== Supplied entries ==

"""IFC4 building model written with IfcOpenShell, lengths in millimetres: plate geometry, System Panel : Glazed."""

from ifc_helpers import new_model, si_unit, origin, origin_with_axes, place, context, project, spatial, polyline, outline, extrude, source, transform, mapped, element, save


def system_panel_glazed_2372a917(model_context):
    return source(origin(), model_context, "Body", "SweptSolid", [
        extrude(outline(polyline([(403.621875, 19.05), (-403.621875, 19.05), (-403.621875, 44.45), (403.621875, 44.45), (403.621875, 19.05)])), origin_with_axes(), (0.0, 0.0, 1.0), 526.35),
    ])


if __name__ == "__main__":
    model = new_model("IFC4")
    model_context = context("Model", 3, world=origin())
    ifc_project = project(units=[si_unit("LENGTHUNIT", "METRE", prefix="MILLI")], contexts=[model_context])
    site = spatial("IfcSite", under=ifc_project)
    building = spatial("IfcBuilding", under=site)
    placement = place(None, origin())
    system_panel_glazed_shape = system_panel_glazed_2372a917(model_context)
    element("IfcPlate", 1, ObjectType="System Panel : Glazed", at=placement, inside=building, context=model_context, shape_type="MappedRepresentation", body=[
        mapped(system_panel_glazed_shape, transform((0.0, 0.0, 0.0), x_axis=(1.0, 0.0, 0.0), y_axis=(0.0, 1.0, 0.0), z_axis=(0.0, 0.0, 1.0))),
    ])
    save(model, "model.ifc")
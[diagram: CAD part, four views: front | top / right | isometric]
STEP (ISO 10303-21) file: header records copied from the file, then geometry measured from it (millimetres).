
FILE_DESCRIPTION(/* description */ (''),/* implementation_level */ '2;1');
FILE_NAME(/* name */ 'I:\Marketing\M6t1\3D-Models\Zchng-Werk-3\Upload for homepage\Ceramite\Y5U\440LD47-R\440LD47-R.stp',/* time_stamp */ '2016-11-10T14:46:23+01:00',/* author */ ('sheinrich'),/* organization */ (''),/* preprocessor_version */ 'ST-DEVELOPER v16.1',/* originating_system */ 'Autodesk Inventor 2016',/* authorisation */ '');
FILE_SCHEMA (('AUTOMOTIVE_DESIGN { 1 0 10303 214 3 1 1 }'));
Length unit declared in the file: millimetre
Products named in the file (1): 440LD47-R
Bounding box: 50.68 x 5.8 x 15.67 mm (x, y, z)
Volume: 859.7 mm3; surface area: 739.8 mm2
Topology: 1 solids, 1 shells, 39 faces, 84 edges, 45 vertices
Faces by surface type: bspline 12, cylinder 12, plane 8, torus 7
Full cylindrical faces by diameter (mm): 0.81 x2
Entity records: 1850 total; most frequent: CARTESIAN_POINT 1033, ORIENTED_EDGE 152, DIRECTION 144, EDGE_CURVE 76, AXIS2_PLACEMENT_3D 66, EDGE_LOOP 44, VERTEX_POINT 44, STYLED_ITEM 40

===

Using the records above, report how many lines include "save", with no words around the number.

2